Transportation industry supports more regular rapid mass tests but needs urgent support
The pressure on the transportation industry during the pandemic has shifted from moving citizens to keeping a core transportation system operational with a skeleton workforce to ensure freight and key essential workers can continue to move.
A secondary effect of this shift is the sudden change in sources of revenue for transportation operators, with many experiencing an unexpected shortfall in their finances. The industry has followed all safety measures outlined by governments and authorities, including sanitation, social distancing, mask-wearing, and testing. However, the industry needs more support to cope with new pressures on supply in the spring of 2021.
U.S. companies ranging from Colgate-Palmolive Co. to Boot Barn Holdings Inc. -- and others across Europe and Asia -- have highlighted the supply strains in recent days. The Federal Maritime Commission launched an inquiry late last year into port congestion, but bottlenecks persist heading into the seasonal peak before Chinese New Year in mid-February.
“Our freight costs will probably be a pressure point for us over the next, I don’t know, three months or six months,” Greg Hackman, chief operating officer at California-based Boot Barn, said last week, citing port pileups that are affecting inventories.
Stephen Bartlett, chairman of the Association of Freight Software Suppliers, warned that the disruption may be about to escalate.
“There could be more disruption as trucks come through that aren’t prepared with paperwork or drivers who haven’t been tested for COVID-19. There will be more issues,” he said.
Regular rapid mass testing will help facilitate a more significant opening of other large industries such as infrastructure engineering, rail travel, entertainment, hospitality, manufacturing, and retail, among many more. By testing staff regularly in industry with rapid results, consumers and employees can feel safe returning to these environments and employers can have greater certainty on working hours, capacity and avoid further disruption.
The UK has led the way with its “test to suppress” Moonshots programme, announced by Prime Minister Boris Johnson, including the beginning of mass testing in education with teachers and staff in secondary schools beginning self-testing during February with primary schools following shortly after. In guidance from Public Health England, school staff have been asked to use lateral flow tests twice a week to ensure they are COVID free, with other nations expected to follow as they try to identify new variants and strains of the virus so that they are able to reduce the need for future likelihood and closures in education.
The key benefit of these lateral flow antigen tests is their ability to identify asymptomatic carriers of the virus and prevent transmission at the earliest point. This has become even more vital due to the ability for the virus to mutate to become more infectious as we have seen in the UK (Kent), South Africa and Brazil.

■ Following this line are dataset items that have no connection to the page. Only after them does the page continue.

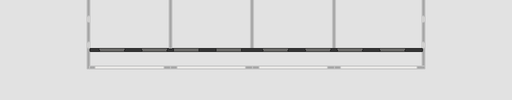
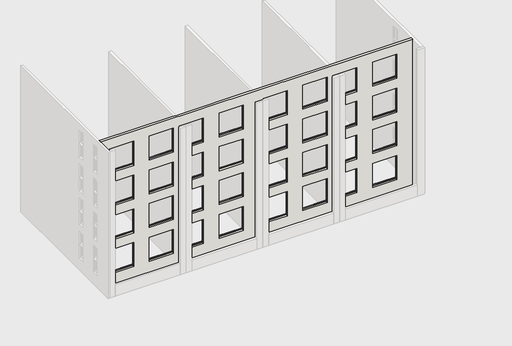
# One storey, part 3 of 5: 1 wall.
"""IFC4 building model written with IfcOpenShell, lengths in millimetres."""

from ifc_helpers import new_model, si_unit, origin, place, context, project, spatial, faceted_brep, element, save

model = new_model("IFC4")

# Units and contexts
model_context = context("Model", 3, world=origin())
ifc_project = project(units=[si_unit("LENGTHUNIT", "METRE", prefix="MILLI")], contexts=[model_context])

# Site, building, storey
site = spatial("IfcSite", under=ifc_project)
building = spatial("IfcBuilding", under=site)
storey = spatial("IfcBuildingStorey", under=building, Name="設計GL", Elevation=0.0)

# Wall
placement = place(None, origin())
element("IfcWall", 1, ObjectType="(R)RC200", at=placement, inside=storey, context=model_context, shape_type="Brep", body=[
    faceted_brep([(15121.2812754, -15270.1171638, -1200.0), (8271.2812754, -15270.1171638, -1200.0), (8071.2812754, -15270.1171638, -1200.0), (1821.2812754, -15270.1171638, -1200.0), (1621.2812754, -15270.1171638, -1200.0), (-4628.7187246, -15270.1171638, -1200.0), (-4828.7187246, -15270.1171638, -1200.0), (-11078.7187246, -15270.1171638, -1200.0), (-11078.7187246, -15270.1171638, 13000.0), (-4828.7187246, -15270.1171638, 13000.0), (-4628.7187246, -15270.1171638, 13000.0), (1621.2812754, -15270.1171638, 13000.0), (1821.2812754, -15270.1171638, 13000.0), (8071.2812754, -15270.1171638, 13000.0), (8271.2812754, -15270.1171638, 13000.0), (15121.2812754, -15270.1171638, 13000.0), (-10368.7187246, -15270.1171638, 3135.0), (-10368.7187246, -15270.1171638, 1065.0), (-8288.7187246, -15270.1171638, 1065.0), (-8288.7187246, -15270.1171638, 3135.0), (-7018.7187246, -15270.1171638, 3135.0), (-7018.7187246, -15270.1171638, 1065.0), (-4938.7187246, -15270.1171638, 1065.0), (-4938.7187246, -15270.1171638, 3135.0), (-4518.7187246, -15270.1171638, 3135.0), (-4518.7187246, -15270.1171638, 1065.0), (-2438.7187246, -15270.1171638, 1065.0), (-2438.7187246, -15270.1171638, 3135.0), (-1168.7187246, -15270.1171638, 3135.0), (-1168.7187246, -15270.1171638, 1065.0), (911.2812754, -15270.1171638, 1065.0), (911.2812754, -15270.1171638, 3135.0), (8381.2812754, -15270.1171638, 3135.0), (8381.2812754, -15270.1171638, 1065.0), (10461.2812754, -15270.1171638, 1065.0), (10461.2812754, -15270.1171638, 3135.0), (11731.2812754, -15270.1171638, 3135.0), (11731.2812754, -15270.1171638, 1065.0), (13811.2812754, -15270.1171638, 1065.0), (13811.2812754, -15270.1171638, 3135.0), (5881.2812754, -15270.1171638, 3135.0), (5881.2812754, -15270.1171638, 1065.0), (7961.2812754, -15270.1171638, 1065.0), (7961.2812754, -15270.1171638, 3135.0), (2531.2812754, -15270.1171638, 3135.0), (2531.2812754, -15270.1171638, 1065.0), (4611.2812754, -15270.1171638, 1065.0), (4611.2812754, -15270.1171638, 3135.0), (8381.2812754, -15270.1171638, 6135.0), (8381.2812754, -15270.1171638, 4065.0), (10461.2812754, -15270.1171638, 4065.0), (10461.2812754, -15270.1171638, 6135.0), (11731.2812754, -15270.1171638, 6135.0), (11731.2812754, -15270.1171638, 4065.0), (13811.2812754, -15270.1171638, 4065.0), (13811.2812754, -15270.1171638, 6135.0), (5881.2812754, -15270.1171638, 6135.0), (5881.2812754, -15270.1171638, 4065.0), (7961.2812754, -15270.1171638, 4065.0), (7961.2812754, -15270.1171638, 6135.0), (2531.2812754, -15270.1171638, 6135.0), (2531.2812754, -15270.1171638, 4065.0), (4611.2812754, -15270.1171638, 4065.0), (4611.2812754, -15270.1171638, 6135.0), (-4518.7187246, -15270.1171638, 6135.0), (-4518.7187246, -15270.1171638, 4065.0), (-2438.7187246, -15270.1171638, 4065.0), (-2438.7187246, -15270.1171638, 6135.0), (-1168.7187246, -15270.1171638, 6135.0), (-1168.7187246, -15270.1171638, 4065.0), (911.2812754, -15270.1171638, 4065.0), (911.2812754, -15270.1171638, 6135.0), (-7018.7187246, -15270.1171638, 6135.0), (-7018.7187246, -15270.1171638, 4065.0), (-4938.7187246, -15270.1171638, 4065.0), (-4938.7187246, -15270.1171638, 6135.0), (-10368.7187246, -15270.1171638, 6135.0), (-10368.7187246, -15270.1171638, 4065.0), (-8288.7187246, -15270.1171638, 4065.0), (-8288.7187246, -15270.1171638, 6135.0), (8381.2812754, -15270.1171638, 9135.0), (8381.2812754, -15270.1171638, 7065.0), (10461.2812754, -15270.1171638, 7065.0), (10461.2812754, -15270.1171638, 9135.0), (11731.2812754, -15270.1171638, 9135.0), (11731.2812754, -15270.1171638, 7065.0), (13811.2812754, -15270.1171638, 7065.0), (13811.2812754, -15270.1171638, 9135.0), (5881.2812754, -15270.1171638, 9135.0), (5881.2812754, -15270.1171638, 7065.0), (7961.2812754, -15270.1171638, 7065.0), (7961.2812754, -15270.1171638, 9135.0), (2531.2812754, -15270.1171638, 9135.0), (2531.2812754, -15270.1171638, 7065.0), (4611.2812754, -15270.1171638, 7065.0), (4611.2812754, -15270.1171638, 9135.0), (-4518.7187246, -15270.1171638, 9135.0), (-4518.7187246, -15270.1171638, 7065.0), (-2438.7187246, -15270.1171638, 7065.0), (-2438.7187246, -15270.1171638, 9135.0), (-1168.7187246, -15270.1171638, 9135.0), (-1168.7187246, -15270.1171638, 7065.0), (911.2812754, -15270.1171638, 7065.0), (911.2812754, -15270.1171638, 9135.0), (-7018.7187246, -15270.1171638, 9135.0), (-7018.7187246, -15270.1171638, 7065.0), (-4938.7187246, -15270.1171638, 7065.0), (-4938.7187246, -15270.1171638, 9135.0), (-10368.7187246, -15270.1171638, 9135.0), (-10368.7187246, -15270.1171638, 7065.0), (-8288.7187246, -15270.1171638, 7065.0), (-8288.7187246, -15270.1171638, 9135.0), (8381.2812754, -15270.1171638, 12135.0), (8381.2812754, -15270.1171638, 10065.0), (10461.2812754, -15270.1171638, 10065.0), (10461.2812754, -15270.1171638, 12135.0), (11731.2812754, -15270.1171638, 12135.0), (11731.2812754, -15270.1171638, 10065.0), (13811.2812754, -15270.1171638, 10065.0), (13811.2812754, -15270.1171638, 12135.0), (5881.2812754, -15270.1171638, 12135.0), (5881.2812754, -15270.1171638, 10065.0), (7961.2812754, -15270.1171638, 10065.0), (7961.2812754, -15270.1171638, 12135.0), (2531.2812754, -15270.1171638, 12135.0), (2531.2812754, -15270.1171638, 10065.0), (4611.2812754, -15270.1171638, 10065.0), (4611.2812754, -15270.1171638, 12135.0), (-4518.7187246, -15270.1171638, 12135.0), (-4518.7187246, -15270.1171638, 10065.0), (-2438.7187246, -15270.1171638, 10065.0), (-2438.7187246, -15270.1171638, 12135.0), (-1168.7187246, -15270.1171638, 12135.0), (-1168.7187246, -15270.1171638, 10065.0), (911.2812754, -15270.1171638, 10065.0), (911.2812754, -15270.1171638, 12135.0), (-7018.7187246, -15270.1171638, 12135.0), (-7018.7187246, -15270.1171638, 10065.0), (-4938.7187246, -15270.1171638, 10065.0), (-4938.7187246, -15270.1171638, 12135.0), (-10368.7187246, -15270.1171638, 12135.0), (-10368.7187246, -15270.1171638, 10065.0), (-8288.7187246, -15270.1171638, 10065.0), (-8288.7187246, -15270.1171638, 12135.0), (15121.2812754, -15470.1171638, -1200.0), (15121.2812754, -15470.1171638, 13000.0), (-11078.7187246, -15470.1171638, 13000.0), (-11078.7187246, -15470.1171638, -1200.0), (-8318.7187246, -15470.1171638, 975.0), (-10338.7187246, -15470.1171638, 975.0), (-10338.7187246, -15470.1171638, 3110.0), (-8318.7187246, -15470.1171638, 3110.0), (-4968.7187246, -15470.1171638, 975.0), (-6988.7187246, -15470.1171638, 975.0), (-6988.7187246, -15470.1171638, 3110.0), (-4968.7187246, -15470.1171638, 3110.0), (-2468.7187246, -15470.1171638, 975.0), (-4488.7187246, -15470.1171638, 975.0), (-4488.7187246, -15470.1171638, 3110.0), (-2468.7187246, -15470.1171638, 3110.0), (881.2812754, -15470.1171638, 975.0), (-1138.7187246, -15470.1171638, 975.0), (-1138.7187246, -15470.1171638, 3110.0), (881.2812754, -15470.1171638, 3110.0), (10431.2812754, -15470.1171638, 975.0), (8411.2812754, -15470.1171638, 975.0), (8411.2812754, -15470.1171638, 3110.0), (10431.2812754, -15470.1171638, 3110.0), (13781.2812754, -15470.1171638, 975.0), (11761.2812754, -15470.1171638, 975.0), (11761.2812754, -15470.1171638, 3110.0), (13781.2812754, -15470.1171638, 3110.0), (7931.2812754, -15470.1171638, 975.0), (5911.2812754, -15470.1171638, 975.0), (5911.2812754, -15470.1171638, 3110.0), (7931.2812754, -15470.1171638, 3110.0), (4581.2812754, -15470.1171638, 975.0), (2561.2812754, -15470.1171638, 975.0), (2561.2812754, -15470.1171638, 3110.0), (4581.2812754, -15470.1171638, 3110.0), (10431.2812754, -15470.1171638, 3975.0), (8411.2812754, -15470.1171638, 3975.0), (8411.2812754, -15470.1171638, 6110.0), (10431.2812754, -15470.1171638, 6110.0), (13781.2812754, -15470.1171638, 3975.0), (11761.2812754, -15470.1171638, 3975.0), (11761.2812754, -15470.1171638, 6110.0), (13781.2812754, -15470.1171638, 6110.0), (7931.2812754, -15470.1171638, 3975.0), (5911.2812754, -15470.1171638, 3975.0), (5911.2812754, -15470.1171638, 6110.0), (7931.2812754, -15470.1171638, 6110.0), (4581.2812754, -15470.1171638, 3975.0), (2561.2812754, -15470.1171638, 3975.0), (2561.2812754, -15470.1171638, 6110.0), (4581.2812754, -15470.1171638, 6110.0), (-2468.7187246, -15470.1171638, 3975.0), (-4488.7187246, -15470.1171638, 3975.0), (-4488.7187246, -15470.1171638, 6110.0), (-2468.7187246, -15470.1171638, 6110.0), (881.2812754, -15470.1171638, 3975.0), (-1138.7187246, -15470.1171638, 3975.0), (-1138.7187246, -15470.1171638, 6110.0), (881.2812754, -15470.1171638, 6110.0), (-4968.7187246, -15470.1171638, 3975.0), (-6988.7187246, -15470.1171638, 3975.0), (-6988.7187246, -15470.1171638, 6110.0), (-4968.7187246, -15470.1171638, 6110.0), (-8318.7187246, -15470.1171638, 3975.0), (-10338.7187246, -15470.1171638, 3975.0), (-10338.7187246, -15470.1171638, 6110.0), (-8318.7187246, -15470.1171638, 6110.0), (10431.2812754, -15470.1171638, 6975.0), (8411.2812754, -15470.1171638, 6975.0), (8411.2812754, -15470.1171638, 9110.0), (10431.2812754, -15470.1171638, 9110.0), (13781.2812754, -15470.1171638, 6975.0), (11761.2812754, -15470.1171638, 6975.0), (11761.2812754, -15470.1171638, 9110.0), (13781.2812754, -15470.1171638, 9110.0), (7931.2812754, -15470.1171638, 6975.0), (5911.2812754, -15470.1171638, 6975.0), (5911.2812754, -15470.1171638, 9110.0), (7931.2812754, -15470.1171638, 9110.0), (4581.2812754, -15470.1171638, 6975.0), (2561.2812754, -15470.1171638, 6975.0), (2561.2812754, -15470.1171638, 9110.0), (4581.2812754, -15470.1171638, 9110.0), (-2468.7187246, -15470.1171638, 6975.0), (-4488.7187246, -15470.1171638, 6975.0), (-4488.7187246, -15470.1171638, 9110.0), (-2468.7187246, -15470.1171638, 9110.0), (881.2812754, -15470.1171638, 6975.0), (-1138.7187246, -15470.1171638, 6975.0), (-1138.7187246, -15470.1171638, 9110.0), (881.2812754, -15470.1171638, 9110.0), (-4968.7187246, -15470.1171638, 6975.0), (-6988.7187246, -15470.1171638, 6975.0), (-6988.7187246, -15470.1171638, 9110.0), (-4968.7187246, -15470.1171638, 9110.0), (-8318.7187246, -15470.1171638, 6975.0), (-10338.7187246, -15470.1171638, 6975.0), (-10338.7187246, -15470.1171638, 9110.0), (-8318.7187246, -15470.1171638, 9110.0), (10431.2812754, -15470.1171638, 9975.0), (8411.2812754, -15470.1171638, 9975.0), (8411.2812754, -15470.1171638, 12110.0), (10431.2812754, -15470.1171638, 12110.0), (13781.2812754, -15470.1171638, 9975.0), (11761.2812754, -15470.1171638, 9975.0), (11761.2812754, -15470.1171638, 12110.0), (13781.2812754, -15470.1171638, 12110.0), (7931.2812754, -15470.1171638, 9975.0), (5911.2812754, -15470.1171638, 9975.0), (5911.2812754, -15470.1171638, 12110.0), (7931.2812754, -15470.1171638, 12110.0), (4581.2812754, -15470.1171638, 9975.0), (2561.2812754, -15470.1171638, 9975.0), (2561.2812754, -15470.1171638, 12110.0), (4581.2812754, -15470.1171638, 12110.0), (-2468.7187246, -15470.1171638, 9975.0), (-4488.7187246, -15470.1171638, 9975.0), (-4488.7187246, -15470.1171638, 12110.0), (-2468.7187246, -15470.1171638, 12110.0), (881.2812754, -15470.1171638, 9975.0), (-1138.7187246, -15470.1171638, 9975.0), (-1138.7187246, -15470.1171638, 12110.0), (881.2812754, -15470.1171638, 12110.0), (-4968.7187246, -15470.1171638, 9975.0), (-6988.7187246, -15470.1171638, 9975.0), (-6988.7187246, -15470.1171638, 12110.0), (-4968.7187246, -15470.1171638, 12110.0), (-8318.7187246, -15470.1171638, 9975.0), (-10338.7187246, -15470.1171638, 9975.0), (-10338.7187246, -15470.1171638, 12110.0), (-8318.7187246, -15470.1171638, 12110.0), (-10368.7187246, -15340.1171638, 3135.0), (-10368.7187246, -15340.1171638, 1065.0), (-8288.7187246, -15340.1171638, 1065.0), (-8288.7187246, -15340.1171638, 3135.0), (-10358.7187246, -15340.1171638, 1065.0), (-8298.7187246, -15340.1171638, 1065.0), (-8298.7187246, -15340.1171638, 3130.0), (-10358.7187246, -15340.1171638, 3130.0), (-10358.7187246, -15410.1171638, 3130.0), (-10358.7187246, -15410.1171638, 984.2307692), (-10358.7187246, -15340.1171638, 995.0), (-8298.7187246, -15340.1171638, 995.0), (-8298.7187246, -15410.1171638, 984.2307692), (-8298.7187246, -15410.1171638, 3130.0), (-10338.7187246, -15410.1171638, 984.2307692), (-8318.7187246, -15410.1171638, 984.2307692), (-8318.7187246, -15410.1171638, 3110.0), (-10338.7187246, -15410.1171638, 3110.0), (-7018.7187246, -15340.1171638, 3135.0), (-7018.7187246, -15340.1171638, 1065.0), (-4938.7187246, -15340.1171638, 1065.0), (-4938.7187246, -15340.1171638, 3135.0), (-7008.7187246, -15340.1171638, 1065.0), (-4948.7187246, -15340.1171638, 1065.0), (-4948.7187246, -15340.1171638, 3130.0), (-7008.7187246, -15340.1171638, 3130.0), (-7008.7187246, -15410.1171638, 3130.0), (-7008.7187246, -15410.1171638, 984.2307692), (-7008.7187246, -15340.1171638, 995.0), (-4948.7187246, -15340.1171638, 995.0), (-4948.7187246, -15410.1171638, 984.2307692), (-4948.7187246, -15410.1171638, 3130.0), (-6988.7187246, -15410.1171638, 984.2307692), (-4968.7187246, -15410.1171638, 984.2307692), (-4968.7187246, -15410.1171638, 3110.0), (-6988.7187246, -15410.1171638, 3110.0), (-4518.7187246, -15340.1171638, 3135.0), (-4518.7187246, -15340.1171638, 1065.0), (-2438.7187246, -15340.1171638, 1065.0), (-2438.7187246, -15340.1171638, 3135.0), (-4508.7187246, -15340.1171638, 1065.0), (-2448.7187246, -15340.1171638, 1065.0), (-2448.7187246, -15340.1171638, 3130.0), (-4508.7187246, -15340.1171638, 3130.0), (-4508.7187246, -15410.1171638, 3130.0), (-4508.7187246, -15410.1171638, 984.2307692), (-4508.7187246, -15340.1171638, 995.0), (-2448.7187246, -15340.1171638, 995.0), (-2448.7187246, -15410.1171638, 984.2307692), (-2448.7187246, -15410.1171638, 3130.0), (-4488.7187246, -15410.1171638, 984.2307692), (-2468.7187246, -15410.1171638, 984.2307692), (-2468.7187246, -15410.1171638, 3110.0), (-4488.7187246, -15410.1171638, 3110.0), (-1168.7187246, -15340.1171638, 3135.0), (-1168.7187246, -15340.1171638, 1065.0), (911.2812754, -15340.1171638, 1065.0), (911.2812754, -15340.1171638, 3135.0), (-1158.7187246, -15340.1171638, 1065.0), (901.2812754, -15340.1171638, 1065.0), (901.2812754, -15340.1171638, 3130.0), (-1158.7187246, -15340.1171638, 3130.0), (-1158.7187246, -15410.1171638, 3130.0), (-1158.7187246, -15410.1171638, 984.2307692), (-1158.7187246, -15340.1171638, 995.0), (901.2812754, -15340.1171638, 995.0), (901.2812754, -15410.1171638, 984.2307692), (901.2812754, -15410.1171638, 3130.0), (-1138.7187246, -15410.1171638, 984.2307692), (881.2812754, -15410.1171638, 984.2307692), (881.2812754, -15410.1171638, 3110.0), (-1138.7187246, -15410.1171638, 3110.0), (8381.2812754, -15340.1171638, 3135.0), (8381.2812754, -15340.1171638, 1065.0), (10461.2812754, -15340.1171638, 1065.0), (10461.2812754, -15340.1171638, 3135.0), (8391.2812754, -15340.1171638, 1065.0), (10451.2812754, -15340.1171638, 1065.0), (10451.2812754, -15340.1171638, 3130.0), (8391.2812754, -15340.1171638, 3130.0), (8391.2812754, -15410.1171638, 3130.0), (8391.2812754, -15410.1171638, 984.2307692), (8391.2812754, -15340.1171638, 995.0), (10451.2812754, -15340.1171638, 995.0), (10451.2812754, -15410.1171638, 984.2307692), (10451.2812754, -15410.1171638, 3130.0), (8411.2812754, -15410.1171638, 984.2307692), (10431.2812754, -15410.1171638, 984.2307692), (10431.2812754, -15410.1171638, 3110.0), (8411.2812754, -15410.1171638, 3110.0), (11731.2812754, -15340.1171638, 3135.0), (11731.2812754, -15340.1171638, 1065.0), (13811.2812754, -15340.1171638, 1065.0), (13811.2812754, -15340.1171638, 3135.0), (11741.2812754, -15340.1171638, 1065.0), (13801.2812754, -15340.1171638, 1065.0), (13801.2812754, -15340.1171638, 3130.0), (11741.2812754, -15340.1171638, 3130.0), (11741.2812754, -15410.1171638, 3130.0), (11741.2812754, -15410.1171638, 984.2307692), (11741.2812754, -15340.1171638, 995.0), (13801.2812754, -15340.1171638, 995.0), (13801.2812754, -15410.1171638, 984.2307692), (13801.2812754, -15410.1171638, 3130.0), (11761.2812754, -15410.1171638, 984.2307692), (13781.2812754, -15410.1171638, 984.2307692), (13781.2812754, -15410.1171638, 3110.0), (11761.2812754, -15410.1171638, 3110.0), (5881.2812754, -15340.1171638, 3135.0), (5881.2812754, -15340.1171638, 1065.0), (7961.2812754, -15340.1171638, 1065.0), (7961.2812754, -15340.1171638, 3135.0), (5891.2812754, -15340.1171638, 1065.0), (7951.2812754, -15340.1171638, 1065.0), (7951.2812754, -15340.1171638, 3130.0), (5891.2812754, -15340.1171638, 3130.0), (5891.2812754, -15410.1171638, 3130.0), (5891.2812754, -15410.1171638, 984.2307692), (5891.2812754, -15340.1171638, 995.0), (7951.2812754, -15340.1171638, 995.0), (7951.2812754, -15410.1171638, 984.2307692), (7951.2812754, -15410.1171638, 3130.0), (5911.2812754, -15410.1171638, 984.2307692), (7931.2812754, -15410.1171638, 984.2307692), (7931.2812754, -15410.1171638, 3110.0), (5911.2812754, -15410.1171638, 3110.0), (2531.2812754, -15340.1171638, 3135.0), (2531.2812754, -15340.1171638, 1065.0), (4611.2812754, -15340.1171638, 1065.0), (4611.2812754, -15340.1171638, 3135.0), (2541.2812754, -15340.1171638, 1065.0), (4601.2812754, -15340.1171638, 1065.0), (4601.2812754, -15340.1171638, 3130.0), (2541.2812754, -15340.1171638, 3130.0), (2541.2812754, -15410.1171638, 3130.0), (2541.2812754, -15410.1171638, 984.2307692), (2541.2812754, -15340.1171638, 995.0), (4601.2812754, -15340.1171638, 995.0), (4601.2812754, -15410.1171638, 984.2307692), (4601.2812754, -15410.1171638, 3130.0), (2561.2812754, -15410.1171638, 984.2307692), (4581.2812754, -15410.1171638, 984.2307692), (4581.2812754, -15410.1171638, 3110.0), (2561.2812754, -15410.1171638, 3110.0), (8381.2812754, -15340.1171638, 6135.0), (8381.2812754, -15340.1171638, 4065.0), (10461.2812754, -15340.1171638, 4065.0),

The World Nano Foundation and pandemic experts say regular use of inexpensive mass lateral flow rapid antigen test kits is the way to beat COVID-19, its variants, and future viruses. The adoption of rapid mass testing across populations can help pinpoint cases of the virus, reducing the likelihood of transmission and allowing those in education to feel more secure when returning to busy schools and universities, as well as allowing education professionals to deliver the highest standard of teaching once again.
As vaccination quickens across the board, the next prize is to get the world’s economies moving, with mass frequent testing as the key, using the mantra ‘test to suppress’, and as an early warning system to protect against new strains and future outbreaks.